# Arithmetic

So far all we've been able to do is create and name objects. Some of those objects have been numbers — naturally we would like to do calculations with those numbers.

In the last chapter we saw how to create built-in functions to tell `eval_expr` how to process arguments into a return value. We will now create four more builtins to perform the basic arithmetic operations.

ExpressionResult
`(+ X Y)` The sum of `X` and `Y`
`(- X Y)` The difference of `X` and `Y`
`(* X Y)` The product of `X` and `Y`
`(/ X Y)` The quotient of `X` and `Y`

In the definitions above, when we write "the sum of `X` and `Y`", what we really mean is "the sum of the values obtained by evaluating `X` and `Y`". Remember that `eval_expr` will evaluate all the arguments to a functions by default; this is usually what we want to happen, so from now on we will not explicitly state this where the intent is obvious.

#### Implementation

Once again almost all of our function consists of checking that the correct arguments were supplied. Finally the result is constructed by the call to `make_int`.

```int builtin_add(Atom args, Atom *result)
{
Atom a, b;

if (nilp(args) || nilp(cdr(args)) || !nilp(cdr(cdr(args))))
return Error_Args;

a = car(args);
b = car(cdr(args));

if (a.type != AtomType_Integer || b.type != AtomType_Integer)
return Error_Type;

*result = make_int(a.value.integer + b.value.integer);

return Error_OK;
}
```

The other three functions differ by only one character, so I will omit them here.

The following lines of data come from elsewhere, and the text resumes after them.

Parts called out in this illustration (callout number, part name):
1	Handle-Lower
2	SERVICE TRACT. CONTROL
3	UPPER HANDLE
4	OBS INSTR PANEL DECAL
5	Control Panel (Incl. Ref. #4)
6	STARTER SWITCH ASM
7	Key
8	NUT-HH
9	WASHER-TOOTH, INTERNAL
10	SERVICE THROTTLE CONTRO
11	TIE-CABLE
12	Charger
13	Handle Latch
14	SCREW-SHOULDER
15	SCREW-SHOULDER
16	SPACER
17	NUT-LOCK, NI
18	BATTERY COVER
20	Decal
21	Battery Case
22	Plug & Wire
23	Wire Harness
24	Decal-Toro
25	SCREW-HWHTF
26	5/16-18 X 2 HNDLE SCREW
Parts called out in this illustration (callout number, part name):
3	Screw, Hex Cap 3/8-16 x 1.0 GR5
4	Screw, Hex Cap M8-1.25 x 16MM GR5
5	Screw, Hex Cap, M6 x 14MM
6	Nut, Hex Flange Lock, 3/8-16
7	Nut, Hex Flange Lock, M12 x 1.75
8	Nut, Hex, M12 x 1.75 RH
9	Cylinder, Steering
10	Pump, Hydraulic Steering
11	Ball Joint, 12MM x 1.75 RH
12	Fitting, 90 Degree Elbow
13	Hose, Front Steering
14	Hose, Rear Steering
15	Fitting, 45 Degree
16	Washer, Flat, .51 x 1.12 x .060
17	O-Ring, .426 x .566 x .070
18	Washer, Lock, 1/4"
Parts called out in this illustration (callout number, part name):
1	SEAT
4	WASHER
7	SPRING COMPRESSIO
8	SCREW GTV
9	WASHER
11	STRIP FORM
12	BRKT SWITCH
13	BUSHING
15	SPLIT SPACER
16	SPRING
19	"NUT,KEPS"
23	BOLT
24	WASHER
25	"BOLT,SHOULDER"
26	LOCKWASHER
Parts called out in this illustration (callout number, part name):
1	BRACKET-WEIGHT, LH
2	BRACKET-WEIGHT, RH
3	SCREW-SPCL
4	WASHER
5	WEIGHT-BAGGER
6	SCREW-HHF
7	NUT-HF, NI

Finally we need to create bindings for our new functions in the initial environment:

```env_set(env, make_sym("+"), make_builtin(builtin_add));
env_set(env, make_sym("-"), make_builtin(builtin_subtract));
env_set(env, make_sym("*"), make_builtin(builtin_multiply));
env_set(env, make_sym("/"), make_builtin(builtin_divide));
```

#### Testing

We now have our very own LISP-style calculator.

```> (+ 1 1)
2
> (define x (* 6 9))
X
> x
54
> (- x 12)
42
```

In the last expression above, note that `X` is a symbol, not an integer. We have to evaluate the arguments so that `builtin_subtract` can operate on the integer value bound to `X` and not the symbol `X` itself. Similarly the value bound to `X` is the integer result of evaluating the expression `(* 6 9)`.